_Supplied material:_
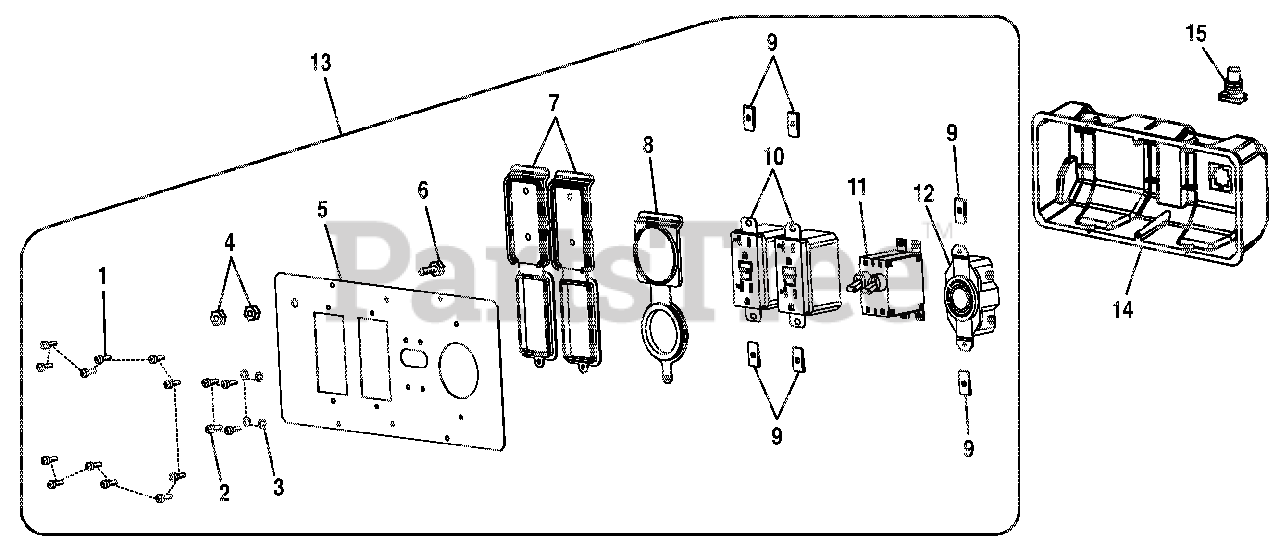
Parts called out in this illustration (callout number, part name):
1	SCREW (6-20 X 3/8 IN.)
2	SCREW (M3 X 6)
3	LOCK WASHER
4	HEX NUT (1/4-20)
5	COVER PLATE
6	SCREW (1/4-20 X 5/8 IN HEX HD)
7	OUTLET COVER (120 VOLT)
8	OUTLET COVER (240 VOLT)
10	DUPLEX RECEPTACLE (120 VOLT)
11	CIRCUIT BREAKER(20AMP 125VOLT)
12	TWST LCK RECEPT 120/240VLT 20A
13	FRONT PANEL
14	REAR CONTROL PANEL
15	RUBBER BOOT

_Work item:_ Every line in the listing above that mentions "PANEL" should be returned.

_Solution below:_
13	FRONT PANEL
14	REAR CONTROL PANEL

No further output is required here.